What you have to do:
Which lines of the entries contain the word "perpendicular"? Please list them.

Provided records:
———

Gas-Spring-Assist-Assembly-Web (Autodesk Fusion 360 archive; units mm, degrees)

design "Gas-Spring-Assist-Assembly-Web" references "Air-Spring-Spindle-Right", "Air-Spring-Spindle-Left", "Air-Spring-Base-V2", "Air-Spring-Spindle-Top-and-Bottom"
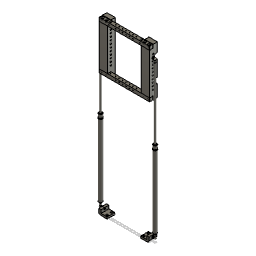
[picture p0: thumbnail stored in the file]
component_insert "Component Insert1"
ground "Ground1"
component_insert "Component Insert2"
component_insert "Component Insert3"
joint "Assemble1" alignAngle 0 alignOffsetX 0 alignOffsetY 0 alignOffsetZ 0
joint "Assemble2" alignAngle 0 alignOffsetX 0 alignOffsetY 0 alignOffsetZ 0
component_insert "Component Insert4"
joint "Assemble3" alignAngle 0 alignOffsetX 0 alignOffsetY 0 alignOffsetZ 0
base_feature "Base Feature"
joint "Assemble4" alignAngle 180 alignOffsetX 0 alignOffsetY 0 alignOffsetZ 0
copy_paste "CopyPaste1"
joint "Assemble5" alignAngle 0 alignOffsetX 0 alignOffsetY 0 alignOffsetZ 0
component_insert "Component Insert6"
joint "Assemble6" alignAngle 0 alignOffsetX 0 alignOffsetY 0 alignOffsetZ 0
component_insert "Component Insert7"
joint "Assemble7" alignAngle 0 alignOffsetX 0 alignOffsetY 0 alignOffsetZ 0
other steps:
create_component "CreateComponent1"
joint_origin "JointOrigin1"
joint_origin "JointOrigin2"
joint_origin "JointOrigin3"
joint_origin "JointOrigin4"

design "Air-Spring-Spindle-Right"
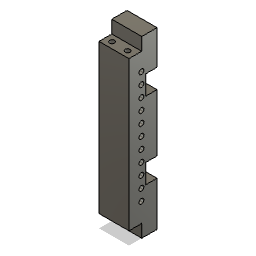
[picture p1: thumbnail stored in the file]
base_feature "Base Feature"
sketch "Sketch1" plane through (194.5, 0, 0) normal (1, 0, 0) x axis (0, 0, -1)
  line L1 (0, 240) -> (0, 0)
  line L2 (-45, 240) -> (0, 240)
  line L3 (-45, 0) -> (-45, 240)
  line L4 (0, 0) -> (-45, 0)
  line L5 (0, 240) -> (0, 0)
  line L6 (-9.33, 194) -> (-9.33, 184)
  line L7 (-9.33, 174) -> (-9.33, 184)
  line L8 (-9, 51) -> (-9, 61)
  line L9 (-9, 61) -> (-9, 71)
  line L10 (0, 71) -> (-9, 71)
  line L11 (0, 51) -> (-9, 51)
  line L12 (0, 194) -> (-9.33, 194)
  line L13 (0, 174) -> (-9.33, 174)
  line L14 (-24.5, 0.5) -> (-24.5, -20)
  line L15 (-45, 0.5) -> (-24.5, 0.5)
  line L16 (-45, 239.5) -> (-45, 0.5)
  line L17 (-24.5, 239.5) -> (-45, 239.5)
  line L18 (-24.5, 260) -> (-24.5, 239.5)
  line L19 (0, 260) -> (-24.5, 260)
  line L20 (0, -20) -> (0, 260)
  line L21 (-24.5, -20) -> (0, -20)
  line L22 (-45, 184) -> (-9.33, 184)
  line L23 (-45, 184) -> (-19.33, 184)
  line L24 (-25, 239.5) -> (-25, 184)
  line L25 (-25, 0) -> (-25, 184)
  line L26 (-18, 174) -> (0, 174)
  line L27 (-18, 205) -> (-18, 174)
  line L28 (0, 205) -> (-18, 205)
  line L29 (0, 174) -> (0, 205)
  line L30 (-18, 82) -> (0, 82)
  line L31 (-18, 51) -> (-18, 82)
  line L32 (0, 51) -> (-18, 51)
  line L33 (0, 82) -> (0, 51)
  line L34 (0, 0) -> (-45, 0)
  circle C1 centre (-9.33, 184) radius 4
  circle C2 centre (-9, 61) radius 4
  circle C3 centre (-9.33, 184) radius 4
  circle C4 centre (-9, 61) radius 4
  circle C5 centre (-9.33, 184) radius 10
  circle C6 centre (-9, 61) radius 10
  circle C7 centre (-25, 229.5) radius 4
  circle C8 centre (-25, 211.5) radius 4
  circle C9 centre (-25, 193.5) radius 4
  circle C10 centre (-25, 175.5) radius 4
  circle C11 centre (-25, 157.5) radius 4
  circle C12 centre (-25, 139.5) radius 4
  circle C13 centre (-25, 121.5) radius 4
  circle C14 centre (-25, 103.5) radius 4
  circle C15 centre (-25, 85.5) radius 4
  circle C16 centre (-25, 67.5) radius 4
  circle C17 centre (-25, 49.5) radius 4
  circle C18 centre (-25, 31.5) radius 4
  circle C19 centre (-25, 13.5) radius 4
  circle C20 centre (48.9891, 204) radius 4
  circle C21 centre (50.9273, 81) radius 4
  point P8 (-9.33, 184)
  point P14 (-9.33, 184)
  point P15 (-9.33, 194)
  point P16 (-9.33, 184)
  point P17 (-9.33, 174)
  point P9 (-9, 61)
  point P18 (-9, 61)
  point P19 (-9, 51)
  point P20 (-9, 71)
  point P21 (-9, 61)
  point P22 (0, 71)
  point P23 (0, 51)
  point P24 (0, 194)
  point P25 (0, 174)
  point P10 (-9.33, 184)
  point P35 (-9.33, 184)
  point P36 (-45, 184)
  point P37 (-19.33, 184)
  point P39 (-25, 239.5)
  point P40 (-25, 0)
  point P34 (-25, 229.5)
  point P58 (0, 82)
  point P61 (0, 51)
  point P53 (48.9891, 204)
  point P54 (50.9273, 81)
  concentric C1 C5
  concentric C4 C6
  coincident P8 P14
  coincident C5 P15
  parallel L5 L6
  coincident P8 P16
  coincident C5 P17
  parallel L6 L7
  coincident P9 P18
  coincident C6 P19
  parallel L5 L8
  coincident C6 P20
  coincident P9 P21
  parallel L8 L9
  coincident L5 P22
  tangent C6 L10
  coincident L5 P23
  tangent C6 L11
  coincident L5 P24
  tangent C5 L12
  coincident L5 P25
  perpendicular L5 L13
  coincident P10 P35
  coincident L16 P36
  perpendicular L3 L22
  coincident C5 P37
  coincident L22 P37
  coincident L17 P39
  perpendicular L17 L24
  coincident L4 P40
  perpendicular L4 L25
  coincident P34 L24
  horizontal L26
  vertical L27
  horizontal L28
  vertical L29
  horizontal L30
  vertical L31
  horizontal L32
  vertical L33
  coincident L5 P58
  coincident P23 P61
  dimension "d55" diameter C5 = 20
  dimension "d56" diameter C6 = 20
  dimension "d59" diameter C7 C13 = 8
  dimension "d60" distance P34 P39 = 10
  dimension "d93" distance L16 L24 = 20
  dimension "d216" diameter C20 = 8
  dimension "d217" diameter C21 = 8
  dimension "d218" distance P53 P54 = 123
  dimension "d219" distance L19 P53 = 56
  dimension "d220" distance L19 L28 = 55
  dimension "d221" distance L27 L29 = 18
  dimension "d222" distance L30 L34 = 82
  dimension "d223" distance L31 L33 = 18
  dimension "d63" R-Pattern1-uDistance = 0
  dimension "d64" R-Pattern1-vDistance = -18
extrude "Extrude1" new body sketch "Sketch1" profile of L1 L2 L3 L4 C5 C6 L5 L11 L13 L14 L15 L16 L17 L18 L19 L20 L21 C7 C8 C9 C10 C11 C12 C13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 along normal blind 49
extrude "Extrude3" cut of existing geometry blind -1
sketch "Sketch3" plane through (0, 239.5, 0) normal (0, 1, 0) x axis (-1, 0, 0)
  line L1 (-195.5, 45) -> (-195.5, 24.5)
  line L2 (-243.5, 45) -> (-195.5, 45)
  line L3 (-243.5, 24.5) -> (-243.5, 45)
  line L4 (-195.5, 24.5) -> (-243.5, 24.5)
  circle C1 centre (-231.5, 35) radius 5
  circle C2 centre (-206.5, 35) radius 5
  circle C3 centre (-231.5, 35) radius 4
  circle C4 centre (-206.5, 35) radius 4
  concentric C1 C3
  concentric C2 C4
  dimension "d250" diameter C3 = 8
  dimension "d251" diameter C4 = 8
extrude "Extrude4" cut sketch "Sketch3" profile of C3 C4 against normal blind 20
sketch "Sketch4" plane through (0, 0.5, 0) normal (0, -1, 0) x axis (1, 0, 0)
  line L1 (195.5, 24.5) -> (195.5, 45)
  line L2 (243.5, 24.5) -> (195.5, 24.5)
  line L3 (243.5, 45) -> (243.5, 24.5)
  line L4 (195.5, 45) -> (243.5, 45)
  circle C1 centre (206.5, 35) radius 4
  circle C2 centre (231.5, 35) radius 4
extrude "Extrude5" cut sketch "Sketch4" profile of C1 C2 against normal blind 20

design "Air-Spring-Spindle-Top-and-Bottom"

———

Task response:
  perpendicular L5 L13
  perpendicular L3 L22
  perpendicular L17 L24
  perpendicular L4 L25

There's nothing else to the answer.